**How to complete this task**. From the line with "#3364=CARTESIAN_POINT('',(160.,-2.5,330.));" to the line with "#3517=CARTESIAN_POINT('',(-85.,47.,330.));", retype every line exactly, including those two, and leave out the rest of the data below.
::: Working data :::
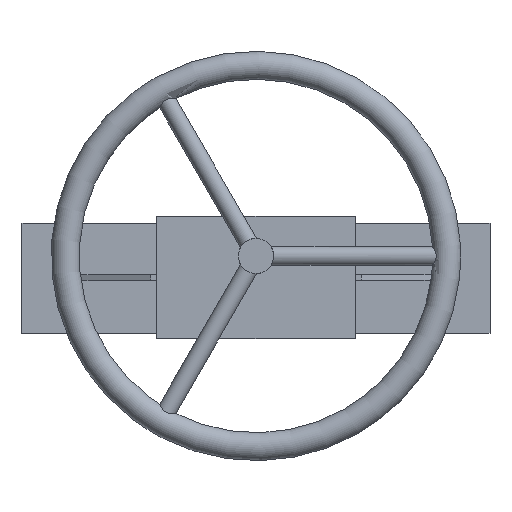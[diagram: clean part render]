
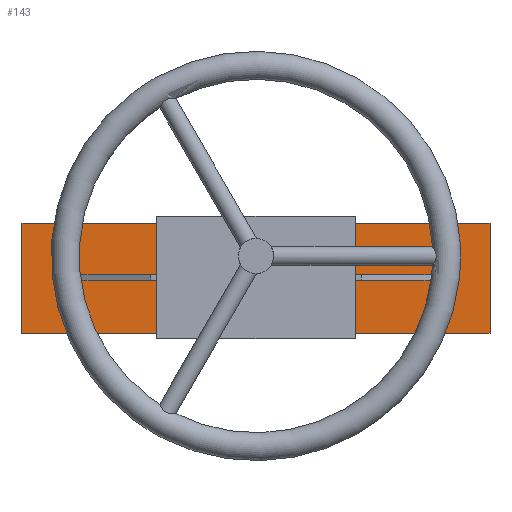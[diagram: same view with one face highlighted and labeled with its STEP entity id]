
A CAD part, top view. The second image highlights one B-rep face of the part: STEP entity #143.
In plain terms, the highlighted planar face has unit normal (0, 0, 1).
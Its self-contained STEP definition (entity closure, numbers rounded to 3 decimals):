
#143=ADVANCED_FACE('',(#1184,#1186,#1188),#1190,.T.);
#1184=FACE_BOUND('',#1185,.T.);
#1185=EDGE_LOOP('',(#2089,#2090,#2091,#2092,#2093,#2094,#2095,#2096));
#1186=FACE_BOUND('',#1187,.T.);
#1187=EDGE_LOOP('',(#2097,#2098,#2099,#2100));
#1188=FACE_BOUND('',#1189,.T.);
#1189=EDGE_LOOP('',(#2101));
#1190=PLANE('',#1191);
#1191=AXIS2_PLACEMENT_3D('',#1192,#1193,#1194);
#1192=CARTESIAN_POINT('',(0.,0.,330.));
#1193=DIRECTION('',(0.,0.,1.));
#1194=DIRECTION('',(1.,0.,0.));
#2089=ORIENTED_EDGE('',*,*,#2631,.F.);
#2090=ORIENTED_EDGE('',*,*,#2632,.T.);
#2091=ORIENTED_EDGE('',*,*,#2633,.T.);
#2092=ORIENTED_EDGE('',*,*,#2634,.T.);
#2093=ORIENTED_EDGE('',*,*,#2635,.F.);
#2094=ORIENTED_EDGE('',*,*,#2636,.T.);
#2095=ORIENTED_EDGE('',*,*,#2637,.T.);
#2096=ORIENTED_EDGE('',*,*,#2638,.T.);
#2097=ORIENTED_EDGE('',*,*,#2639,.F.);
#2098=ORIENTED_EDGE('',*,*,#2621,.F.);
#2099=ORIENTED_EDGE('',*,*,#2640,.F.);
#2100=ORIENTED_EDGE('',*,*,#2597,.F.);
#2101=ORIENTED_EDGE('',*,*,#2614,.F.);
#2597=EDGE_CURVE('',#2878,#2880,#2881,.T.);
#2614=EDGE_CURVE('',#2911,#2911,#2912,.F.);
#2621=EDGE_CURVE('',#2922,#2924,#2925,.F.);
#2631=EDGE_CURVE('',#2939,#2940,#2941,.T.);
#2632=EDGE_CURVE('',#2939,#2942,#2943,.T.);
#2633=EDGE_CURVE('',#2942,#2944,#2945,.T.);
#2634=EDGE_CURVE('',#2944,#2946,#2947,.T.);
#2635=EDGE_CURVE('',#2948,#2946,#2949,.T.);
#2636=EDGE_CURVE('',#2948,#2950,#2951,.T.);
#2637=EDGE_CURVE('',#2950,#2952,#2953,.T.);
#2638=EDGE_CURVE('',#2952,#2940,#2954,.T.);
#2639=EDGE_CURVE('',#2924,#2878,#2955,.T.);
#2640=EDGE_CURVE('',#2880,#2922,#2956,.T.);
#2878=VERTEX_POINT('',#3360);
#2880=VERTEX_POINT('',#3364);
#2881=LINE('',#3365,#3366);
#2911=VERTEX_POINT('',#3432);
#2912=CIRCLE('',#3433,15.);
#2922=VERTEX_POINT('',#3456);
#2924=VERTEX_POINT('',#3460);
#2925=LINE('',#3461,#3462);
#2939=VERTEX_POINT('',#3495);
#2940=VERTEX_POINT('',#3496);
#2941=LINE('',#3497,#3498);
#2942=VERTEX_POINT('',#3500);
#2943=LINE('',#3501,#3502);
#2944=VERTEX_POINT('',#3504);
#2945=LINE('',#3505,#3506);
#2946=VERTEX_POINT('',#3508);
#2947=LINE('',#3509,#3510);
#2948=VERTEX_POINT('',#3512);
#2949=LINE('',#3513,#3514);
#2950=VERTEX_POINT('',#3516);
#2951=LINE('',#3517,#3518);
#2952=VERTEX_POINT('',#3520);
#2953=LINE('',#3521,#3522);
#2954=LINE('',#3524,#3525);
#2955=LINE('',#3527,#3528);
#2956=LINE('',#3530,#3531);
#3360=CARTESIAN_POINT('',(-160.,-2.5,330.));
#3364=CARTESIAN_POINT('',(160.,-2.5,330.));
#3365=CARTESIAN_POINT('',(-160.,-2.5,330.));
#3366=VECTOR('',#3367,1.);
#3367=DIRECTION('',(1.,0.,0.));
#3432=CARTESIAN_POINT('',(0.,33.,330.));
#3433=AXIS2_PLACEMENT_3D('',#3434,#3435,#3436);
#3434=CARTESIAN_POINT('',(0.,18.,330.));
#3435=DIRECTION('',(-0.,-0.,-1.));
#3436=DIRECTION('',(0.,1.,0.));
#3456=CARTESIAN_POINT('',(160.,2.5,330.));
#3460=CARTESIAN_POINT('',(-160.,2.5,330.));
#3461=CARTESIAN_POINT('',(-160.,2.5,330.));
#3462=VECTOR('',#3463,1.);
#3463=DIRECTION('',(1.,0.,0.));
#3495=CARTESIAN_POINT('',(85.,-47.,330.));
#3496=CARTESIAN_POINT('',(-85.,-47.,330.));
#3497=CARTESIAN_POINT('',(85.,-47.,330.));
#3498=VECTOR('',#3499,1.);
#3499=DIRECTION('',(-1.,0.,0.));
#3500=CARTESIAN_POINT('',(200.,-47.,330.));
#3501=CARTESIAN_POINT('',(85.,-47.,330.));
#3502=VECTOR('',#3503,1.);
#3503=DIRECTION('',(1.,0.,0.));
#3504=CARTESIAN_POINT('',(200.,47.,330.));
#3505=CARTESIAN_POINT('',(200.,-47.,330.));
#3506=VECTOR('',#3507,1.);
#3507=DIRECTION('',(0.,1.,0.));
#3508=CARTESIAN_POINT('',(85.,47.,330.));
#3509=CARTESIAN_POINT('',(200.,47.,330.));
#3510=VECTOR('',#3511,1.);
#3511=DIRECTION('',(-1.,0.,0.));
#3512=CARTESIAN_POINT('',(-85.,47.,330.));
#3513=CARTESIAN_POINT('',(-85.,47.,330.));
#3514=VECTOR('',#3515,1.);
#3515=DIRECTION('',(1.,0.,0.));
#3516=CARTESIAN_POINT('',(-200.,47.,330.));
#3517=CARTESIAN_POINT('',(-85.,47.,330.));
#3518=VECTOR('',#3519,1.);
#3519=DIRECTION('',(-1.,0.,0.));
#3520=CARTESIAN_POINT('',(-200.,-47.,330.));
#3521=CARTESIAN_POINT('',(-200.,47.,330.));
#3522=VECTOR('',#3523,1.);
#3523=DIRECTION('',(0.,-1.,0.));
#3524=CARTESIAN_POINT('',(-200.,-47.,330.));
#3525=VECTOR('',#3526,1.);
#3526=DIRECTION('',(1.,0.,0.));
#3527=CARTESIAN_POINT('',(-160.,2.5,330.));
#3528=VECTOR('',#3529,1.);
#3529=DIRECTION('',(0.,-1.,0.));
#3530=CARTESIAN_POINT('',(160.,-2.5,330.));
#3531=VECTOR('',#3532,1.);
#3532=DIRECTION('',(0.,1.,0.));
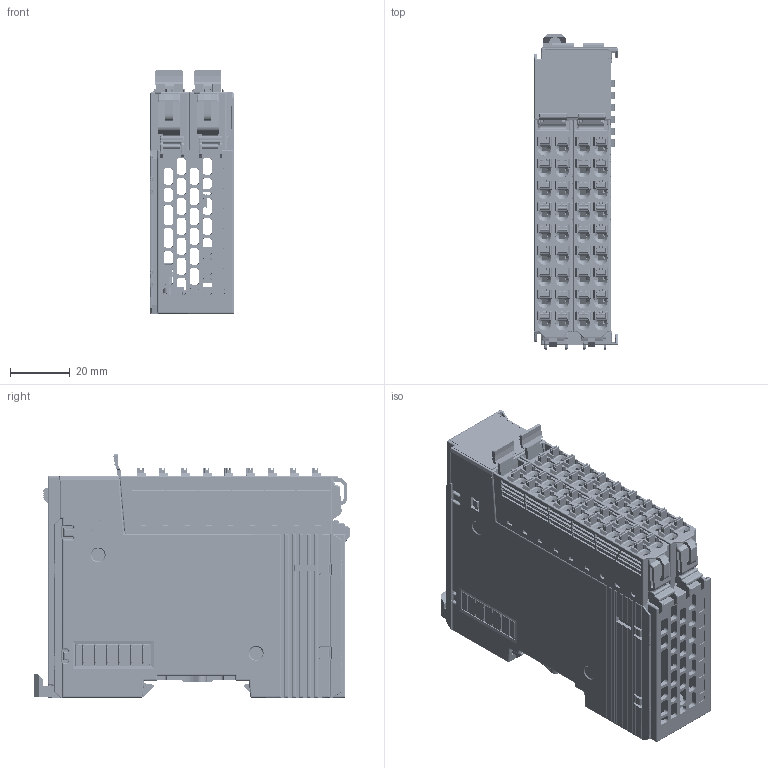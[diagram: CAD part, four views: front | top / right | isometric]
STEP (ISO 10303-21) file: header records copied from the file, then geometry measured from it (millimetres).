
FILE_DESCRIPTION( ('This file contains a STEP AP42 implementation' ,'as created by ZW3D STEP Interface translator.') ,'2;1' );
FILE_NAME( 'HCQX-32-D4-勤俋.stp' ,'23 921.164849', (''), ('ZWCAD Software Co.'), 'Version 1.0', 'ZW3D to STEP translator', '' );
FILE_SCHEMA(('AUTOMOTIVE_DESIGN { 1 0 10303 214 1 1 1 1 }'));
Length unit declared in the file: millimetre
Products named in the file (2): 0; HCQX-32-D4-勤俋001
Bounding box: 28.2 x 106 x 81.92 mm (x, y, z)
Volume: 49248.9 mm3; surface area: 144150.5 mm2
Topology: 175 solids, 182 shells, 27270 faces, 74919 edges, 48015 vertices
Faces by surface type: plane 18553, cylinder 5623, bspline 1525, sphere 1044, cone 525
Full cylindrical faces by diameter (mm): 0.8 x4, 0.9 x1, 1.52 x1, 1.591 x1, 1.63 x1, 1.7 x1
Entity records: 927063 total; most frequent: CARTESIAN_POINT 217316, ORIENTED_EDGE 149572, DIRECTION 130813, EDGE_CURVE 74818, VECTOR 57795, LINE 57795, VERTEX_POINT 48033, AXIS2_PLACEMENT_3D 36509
:::
**Output for this exercise**.
#3364=CARTESIAN_POINT('',(160.,-2.5,330.));
#3365=CARTESIAN_POINT('',(-160.,-2.5,330.));
#3366=VECTOR('',#3367,1.);
#3367=DIRECTION('',(1.,0.,0.));
#3432=CARTESIAN_POINT('',(0.,33.,330.));
#3433=AXIS2_PLACEMENT_3D('',#3434,#3435,#3436);
#3434=CARTESIAN_POINT('',(0.,18.,330.));
#3435=DIRECTION('',(-0.,-0.,-1.));
#3436=DIRECTION('',(0.,1.,0.));
#3456=CARTESIAN_POINT('',(160.,2.5,330.));
#3460=CARTESIAN_POINT('',(-160.,2.5,330.));
#3461=CARTESIAN_POINT('',(-160.,2.5,330.));
#3462=VECTOR('',#3463,1.);
#3463=DIRECTION('',(1.,0.,0.));
#3495=CARTESIAN_POINT('',(85.,-47.,330.));
#3496=CARTESIAN_POINT('',(-85.,-47.,330.));
#3497=CARTESIAN_POINT('',(85.,-47.,330.));
#3498=VECTOR('',#3499,1.);
#3499=DIRECTION('',(-1.,0.,0.));
#3500=CARTESIAN_POINT('',(200.,-47.,330.));
#3501=CARTESIAN_POINT('',(85.,-47.,330.));
#3502=VECTOR('',#3503,1.);
#3503=DIRECTION('',(1.,0.,0.));
#3504=CARTESIAN_POINT('',(200.,47.,330.));
#3505=CARTESIAN_POINT('',(200.,-47.,330.));
#3506=VECTOR('',#3507,1.);
#3507=DIRECTION('',(0.,1.,0.));
#3508=CARTESIAN_POINT('',(85.,47.,330.));
#3509=CARTESIAN_POINT('',(200.,47.,330.));
#3510=VECTOR('',#3511,1.);
#3511=DIRECTION('',(-1.,0.,0.));
#3512=CARTESIAN_POINT('',(-85.,47.,330.));
#3513=CARTESIAN_POINT('',(-85.,47.,330.));
#3514=VECTOR('',#3515,1.);
#3515=DIRECTION('',(1.,0.,0.));
#3516=CARTESIAN_POINT('',(-200.,47.,330.));
#3517=CARTESIAN_POINT('',(-85.,47.,330.));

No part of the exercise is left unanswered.